[[ Provided records open ]]

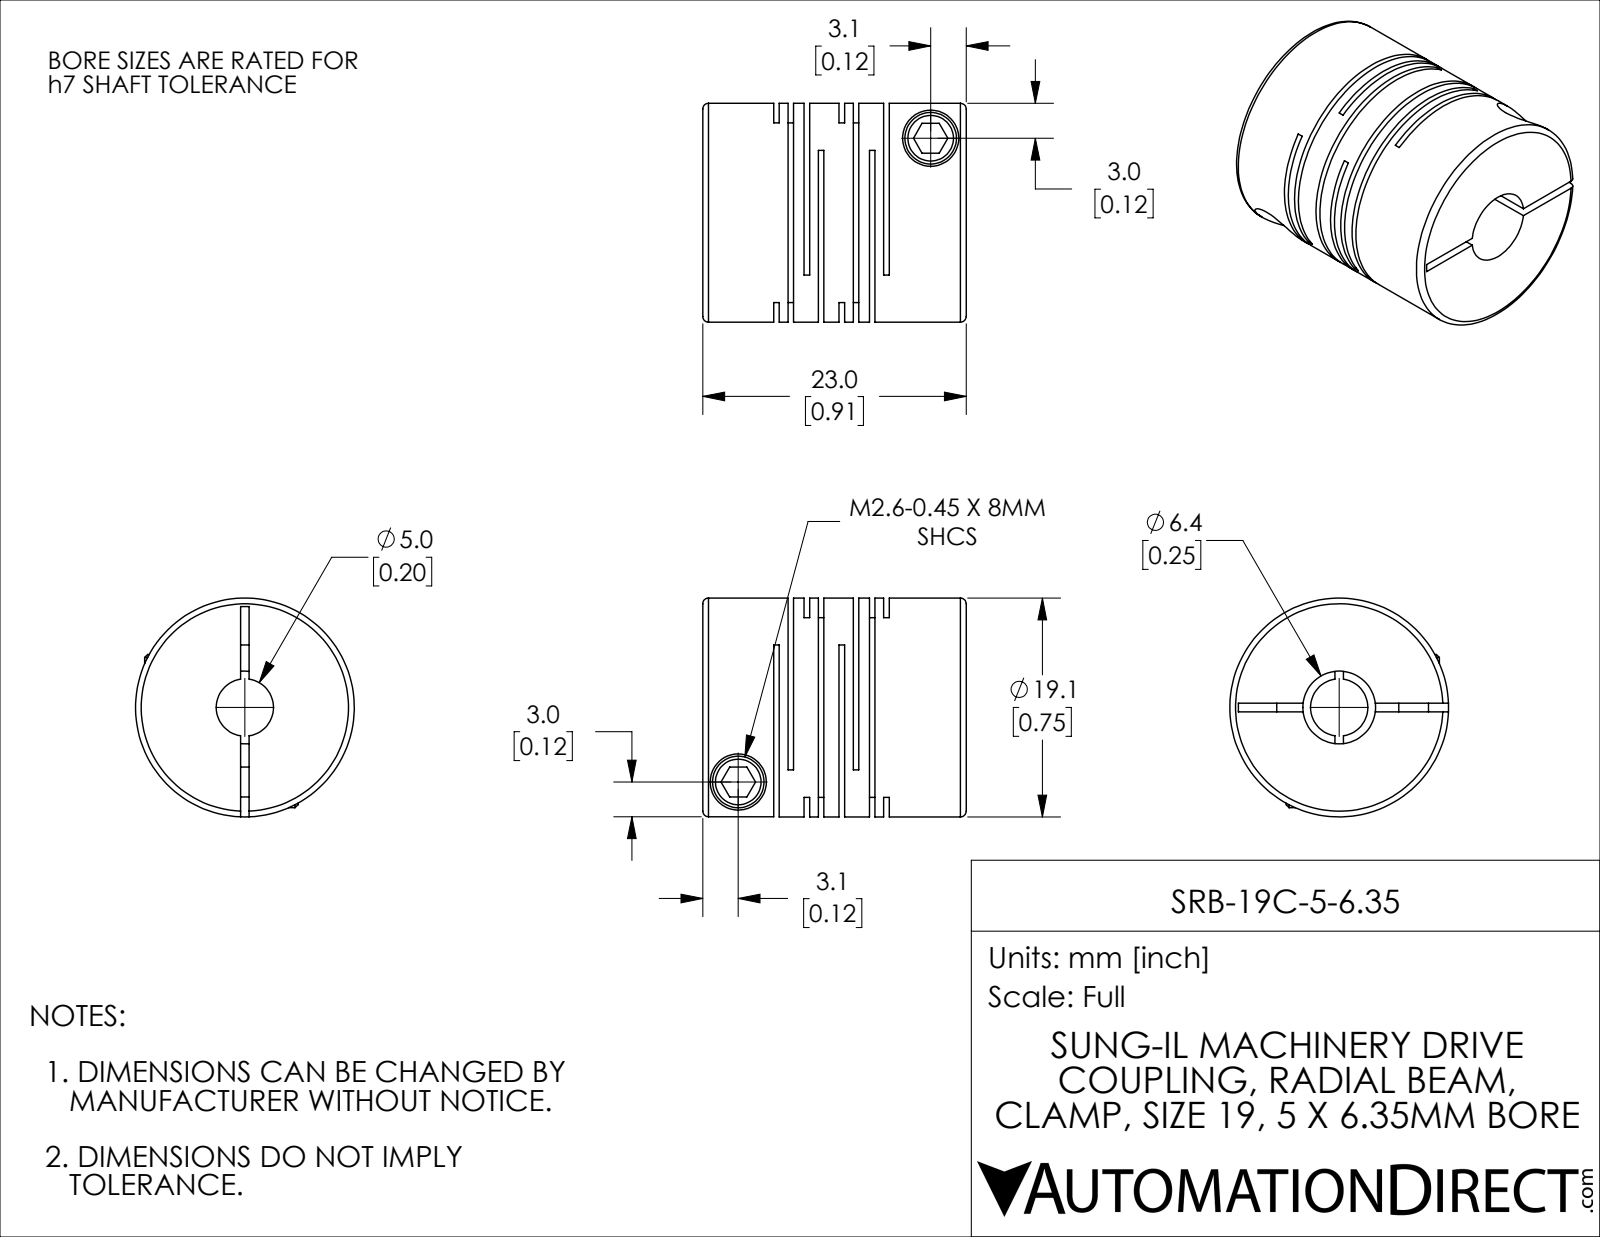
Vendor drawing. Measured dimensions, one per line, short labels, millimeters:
name: SRB-19C-5-6.35
written by: SolidWorks 2021 (CONFIG_CONTROL_DESIGN)
unit: mm
bodies: 1 solid, 114 faces (60 planar, 42 cylindrical, 12 other)
size: 23 × 19.1 × 19.1
volume: 4 887 mm³; area: 5 979 mm²
holes: 2× ⌀2.6, 2× ⌀4.9, 1× ⌀5, 1× ⌀6.35
bosses: 2× ⌀4.5, 1× ⌀19.1
face distances: 0.48, 2.65, 1.25, 5.7, 2.17, 3.05, 4.45, 5.22, 0.77, 1.4
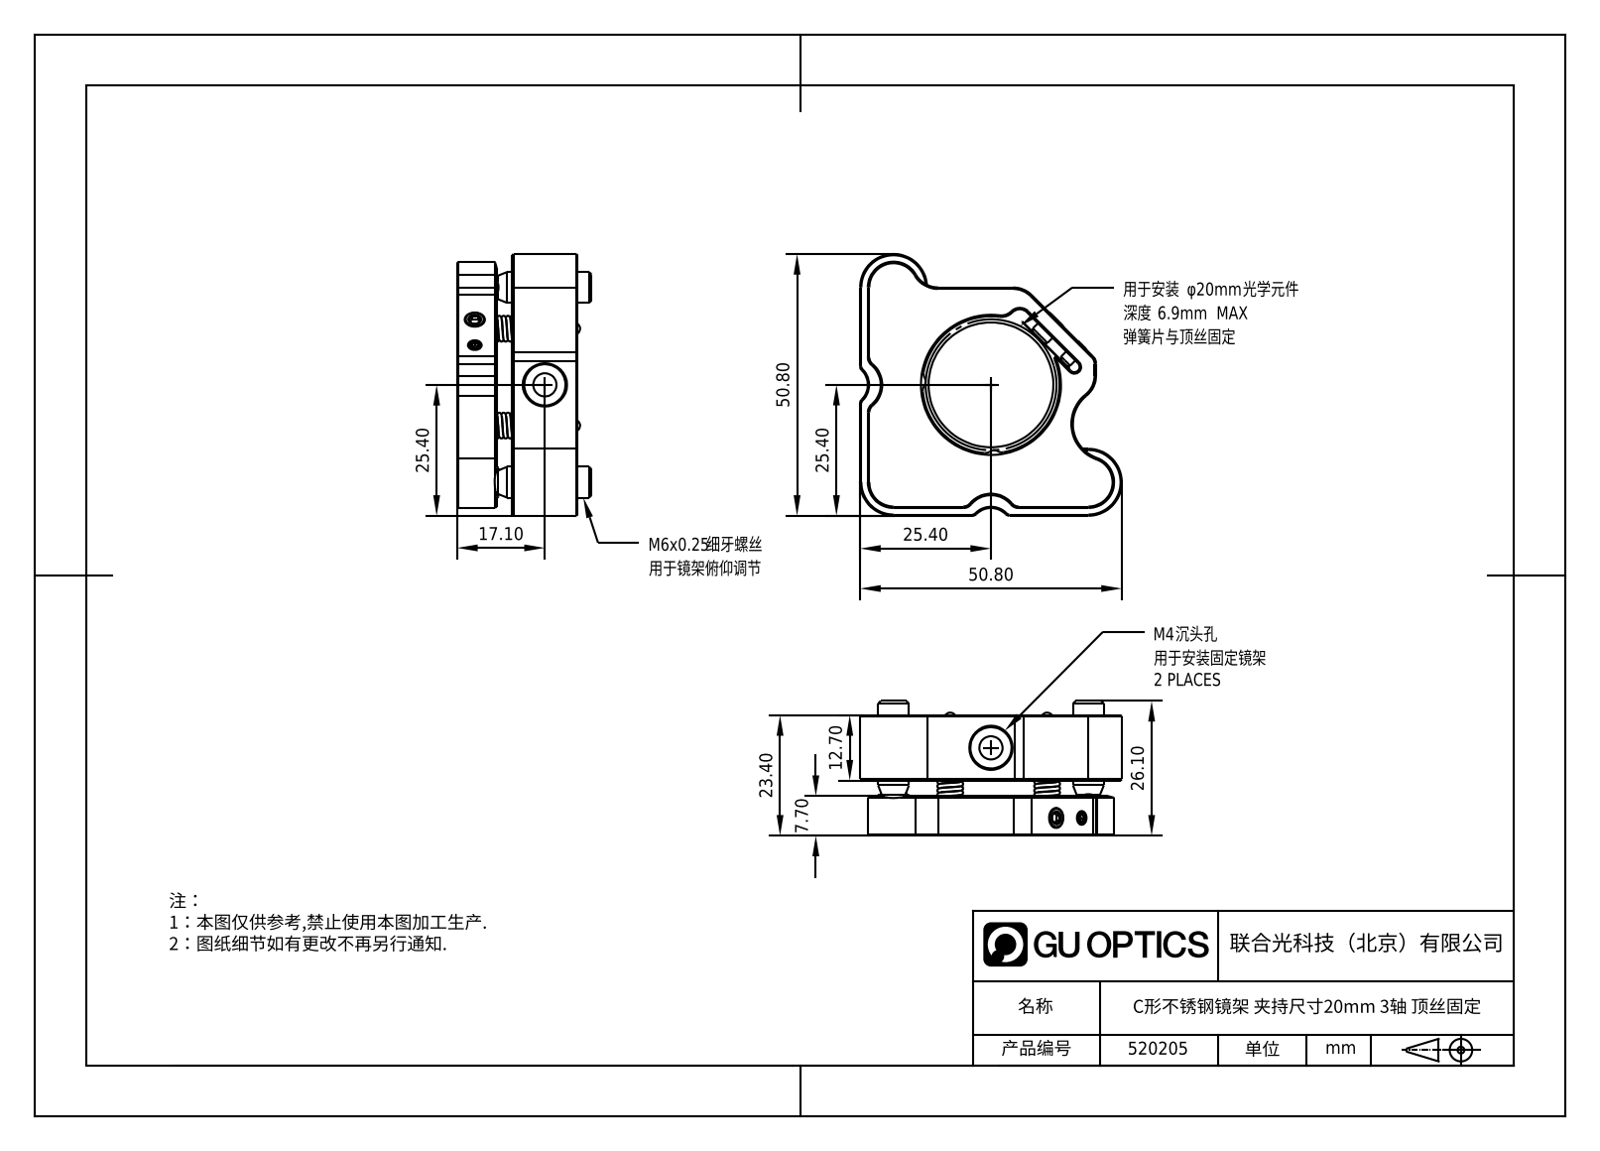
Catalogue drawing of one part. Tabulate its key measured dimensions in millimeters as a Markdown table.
| quantity | value |
| --- | --- |
| part name | 1.1.20.29-ZJO-20-3; 36.1，440c不锈钢滚珠_36.1.6_GZ-B4; 不锈钢方形压片_32.6.12-QY-1305-0.2; DXS-0625标准型六角调节器 _3.2.2.15.1-DXS-0625-20 (+4 more) |
| STEP written by | SolidWorks 2021 (CONFIG_CONTROL_DESIGN) |
| units | millimeters |
| bodies | 29 solids, 702 faces (235 planar, 171 cylindrical, 296 other) |
| overall size | 50.8 × 50.8 × 26.13 |
| volume | 22 144 mm³ |
| surface area | 16 867 mm² |
| round holes (diameter × count) | 2.5 × 4, 6 × 4, 3.99 × 3, 5.75 × 3, 6.35 × 3, 2 × 2, 4.5 × 2, 8 × 2, 2.05 × 1, 3.3 × 1, 18.8 × 1 |
| round bosses / shafts (diameter × count) | 4 × 7, 3 × 4, 2 × 4, 6 × 3, 2.5 × 1 |
| partial cylindrical surfaces (radius × count) | 5 × 10, 1 × 9, 1.05 × 8, 1.5 × 6, 2 × 6, 6.5 × 3, 4 × 2, 3 × 1 |
| main face-to-face distances | 7.7, 3, 10.7, 12.7, 15.7, 23.4, 1.5, 11.5, 13, 0.5 |
| hole center spacings | 18.8, 26.73, 5, 8, 11, 13.86, 15.68, 17.39 |
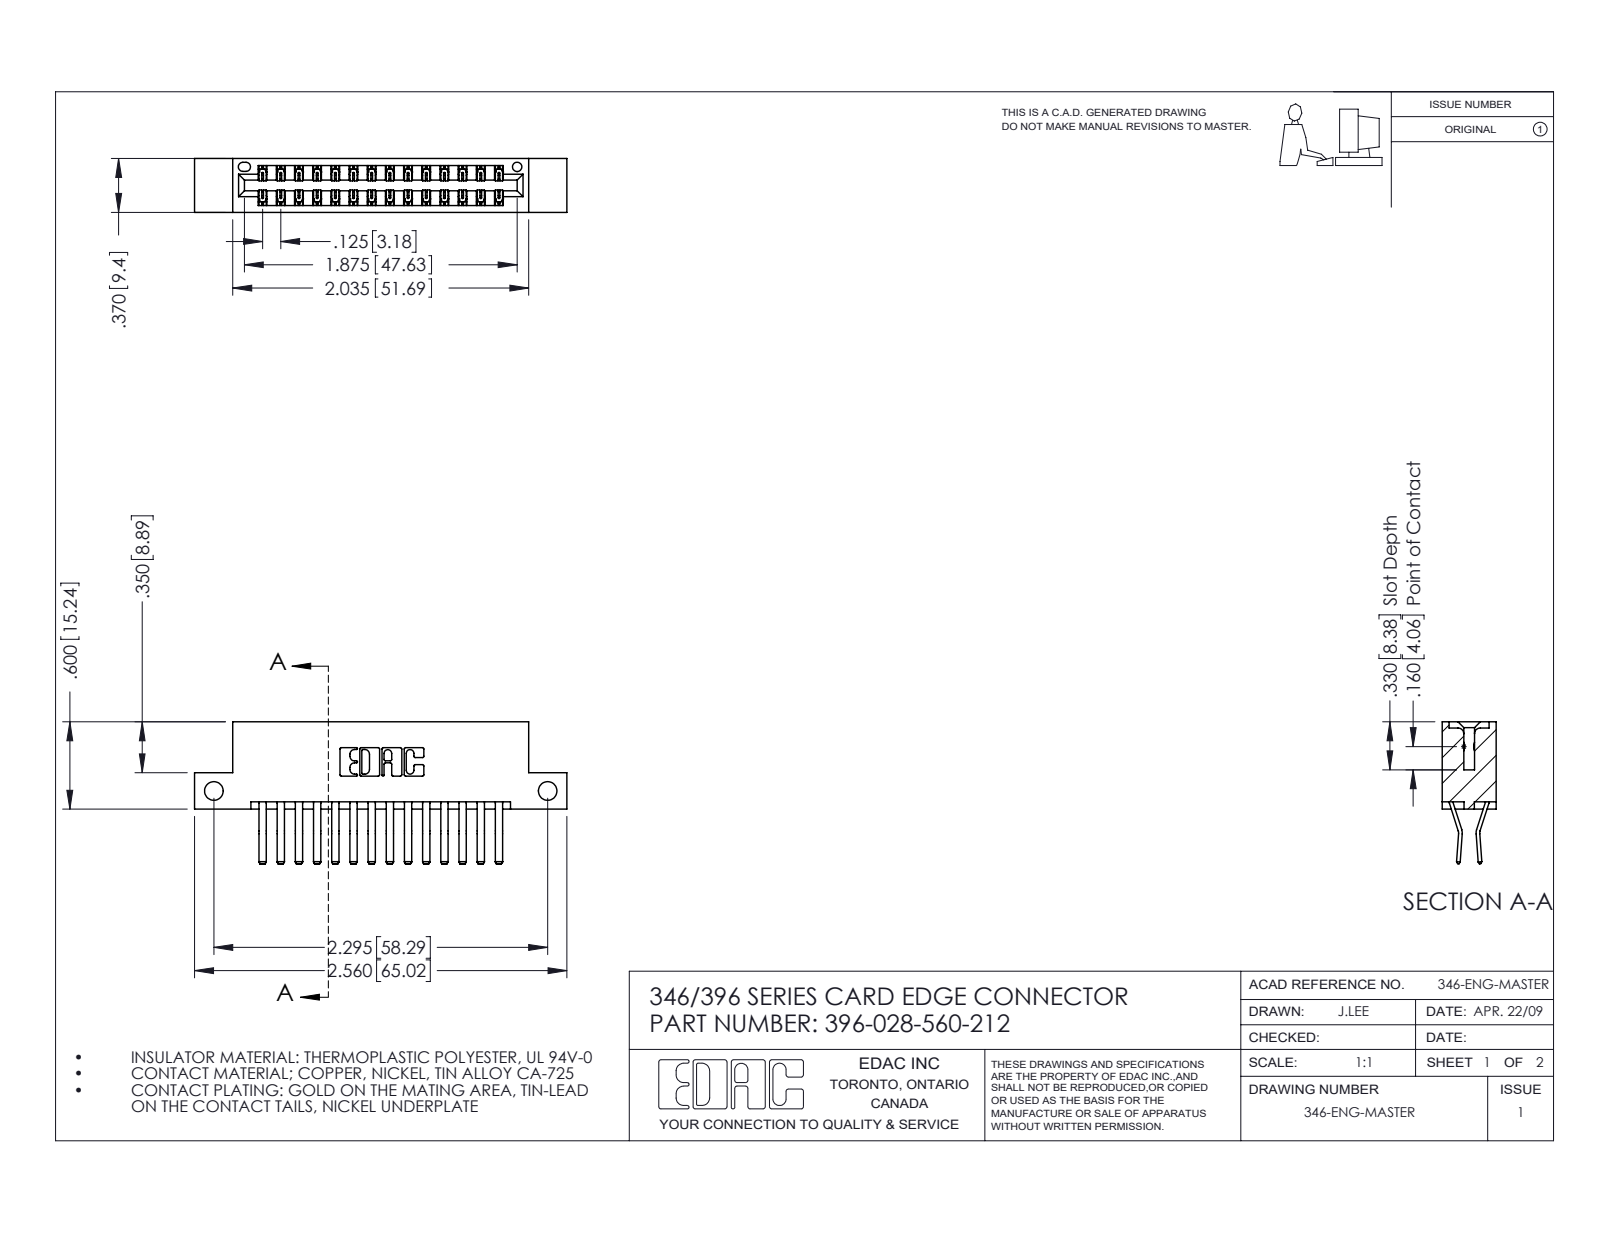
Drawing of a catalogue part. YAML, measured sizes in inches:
part_name: "396-028-560-212; 346 Part_Flush Mounting Lugs - Side Mount; 345-292-001_560 Tail"
step_written_by: "SolidWorks 2016 (CONFIG_CONTROL_DESIGN)"
units: inches
bodies: {solids: 29, faces: 1634, planar: 1056, cylindrical: 578, other: 0}
overall_size: [2.56, 0.975, 0.37]
volume: 0.38
surface_area: 13.11
round_holes:
  - {diameter: 0.128, count: 2}
  - {diameter: 0.064, count: 1}
partial_cylinders:
  - {radius: 0.006, count: 42}
  - {radius: 0.01, count: 22}
  - {radius: 0.007, count: 6}
  - {radius: 0.031, count: 6}
  - {radius: 0.026, count: 3}
  - {radius: 0.01, count: 2}
  - {radius: 0.014, count: 2}
  - {radius: 0.022, count: 2}
face_to_face_distances: [0.25, 0.048, 0.322, 0.37, 0.025, 0.072, 0.298, 0.275, 0.148, 0.222]
hole_center_spacings: [2.295]
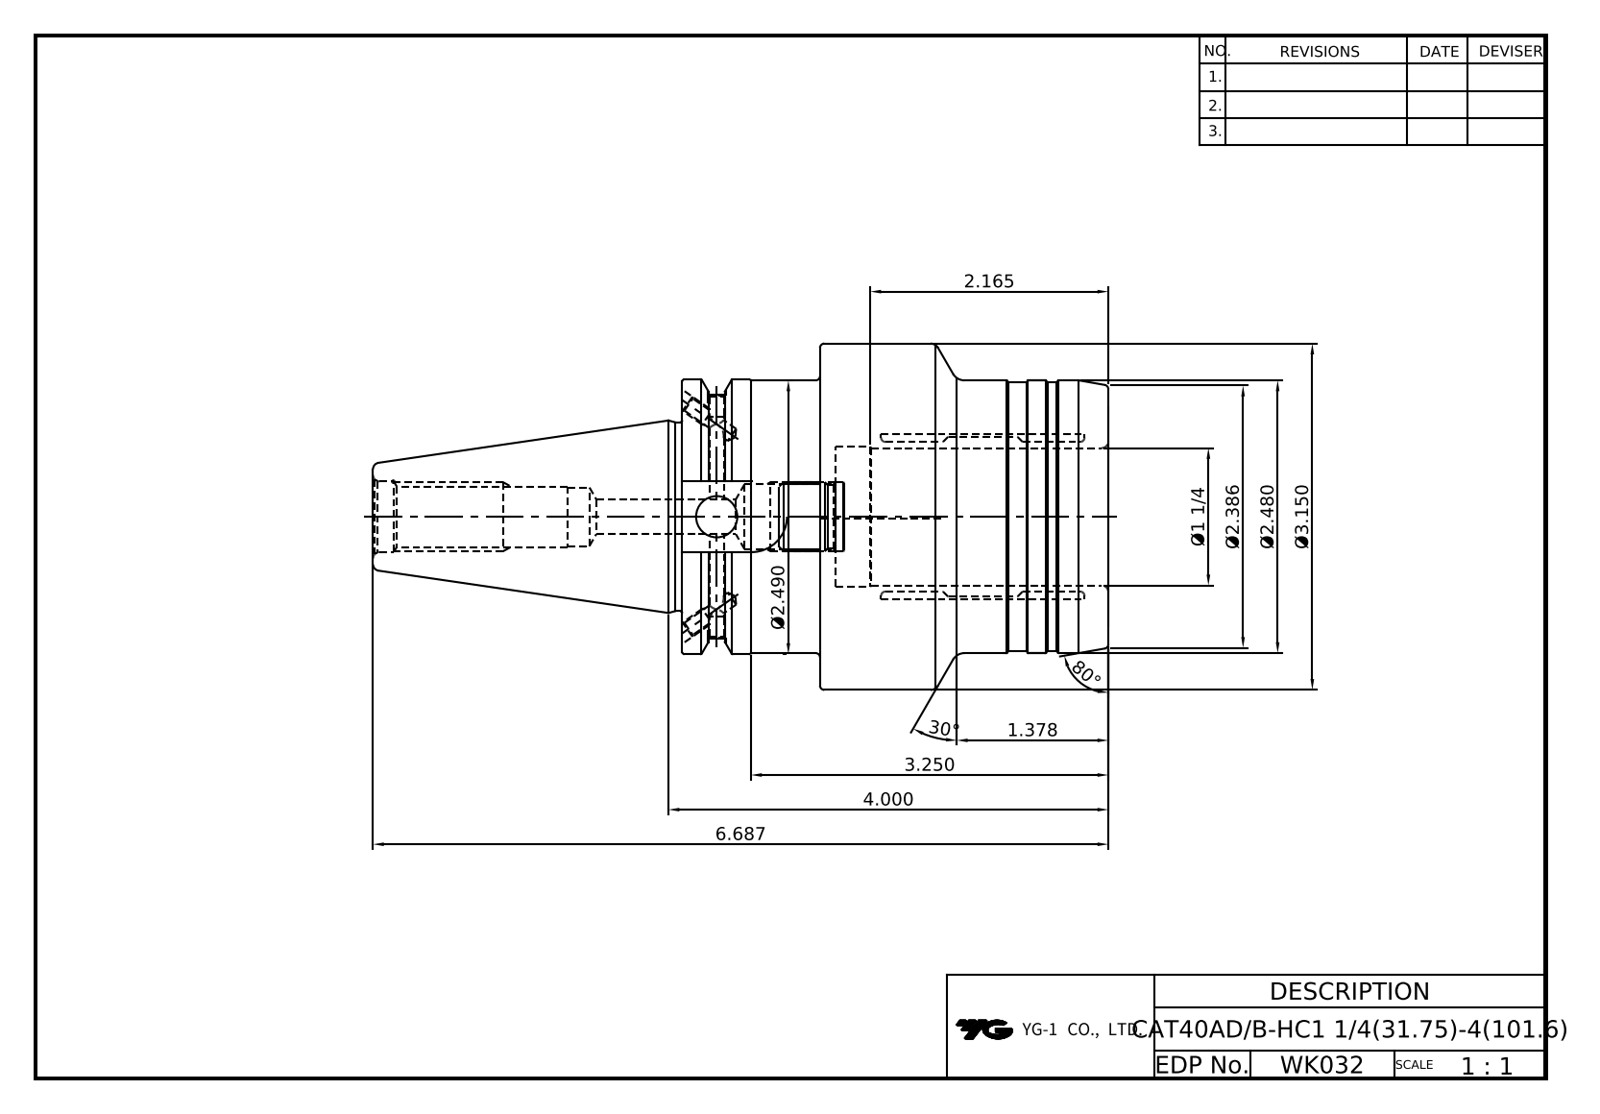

[[ Provided records closed ]]

-- What the exercise asks --
Please print each entry exactly as it stands, without the pictures.

-- Output for this exercise --
Vendor drawing. Measured dimensions, one per line, short labels, millimeters:
name: SRB-19C-5-6.35
written by: SolidWorks 2021 (CONFIG_CONTROL_DESIGN)
unit: mm
bodies: 1 solid, 114 faces (60 planar, 42 cylindrical, 12 other)
size: 23 × 19.1 × 19.1
volume: 4 887 mm³; area: 5 979 mm²
holes: 2× ⌀2.6, 2× ⌀4.9, 1× ⌀5, 1× ⌀6.35
bosses: 2× ⌀4.5, 1× ⌀19.1
face distances: 0.48, 2.65, 1.25, 5.7, 2.17, 3.05, 4.45, 5.22, 0.77, 1.4
Catalogue drawing of one part. Tabulate its key measured dimensions in millimeters as a Markdown table.
| quantity | value |
| --- | --- |
| part name | 1.1.20.29-ZJO-20-3; 36.1，440c不锈钢滚珠_36.1.6_GZ-B4; 不锈钢方形压片_32.6.12-QY-1305-0.2; DXS-0625标准型六角调节器 _3.2.2.15.1-DXS-0625-20 (+4 more) |
| STEP written by | SolidWorks 2021 (CONFIG_CONTROL_DESIGN) |
| units | millimeters |
| bodies | 29 solids, 702 faces (235 planar, 171 cylindrical, 296 other) |
| overall size | 50.8 × 50.8 × 26.13 |
| volume | 22 144 mm³ |
| surface area | 16 867 mm² |
| round holes (diameter × count) | 2.5 × 4, 6 × 4, 3.99 × 3, 5.75 × 3, 6.35 × 3, 2 × 2, 4.5 × 2, 8 × 2, 2.05 × 1, 3.3 × 1, 18.8 × 1 |
| round bosses / shafts (diameter × count) | 4 × 7, 3 × 4, 2 × 4, 6 × 3, 2.5 × 1 |
| partial cylindrical surfaces (radius × count) | 5 × 10, 1 × 9, 1.05 × 8, 1.5 × 6, 2 × 6, 6.5 × 3, 4 × 2, 3 × 1 |
| main face-to-face distances | 7.7, 3, 10.7, 12.7, 15.7, 23.4, 1.5, 11.5, 13, 0.5 |
| hole center spacings | 18.8, 26.73, 5, 8, 11, 13.86, 15.68, 17.39 |
Drawing of a catalogue part. YAML, measured sizes in inches:
part_name: "396-028-560-212; 346 Part_Flush Mounting Lugs - Side Mount; 345-292-001_560 Tail"
step_written_by: "SolidWorks 2016 (CONFIG_CONTROL_DESIGN)"
units: inches
bodies: {solids: 29, faces: 1634, planar: 1056, cylindrical: 578, other: 0}
overall_size: [2.56, 0.975, 0.37]
volume: 0.38
surface_area: 13.11
round_holes:
  - {diameter: 0.128, count: 2}
  - {diameter: 0.064, count: 1}
partial_cylinders:
  - {radius: 0.006, count: 42}
  - {radius: 0.01, count: 22}
  - {radius: 0.007, count: 6}
  - {radius: 0.031, count: 6}
  - {radius: 0.026, count: 3}
  - {radius: 0.01, count: 2}
  - {radius: 0.014, count: 2}
  - {radius: 0.022, count: 2}
face_to_face_distances: [0.25, 0.048, 0.322, 0.37, 0.025, 0.072, 0.298, 0.275, 0.148, 0.222]
hole_center_spacings: [2.295]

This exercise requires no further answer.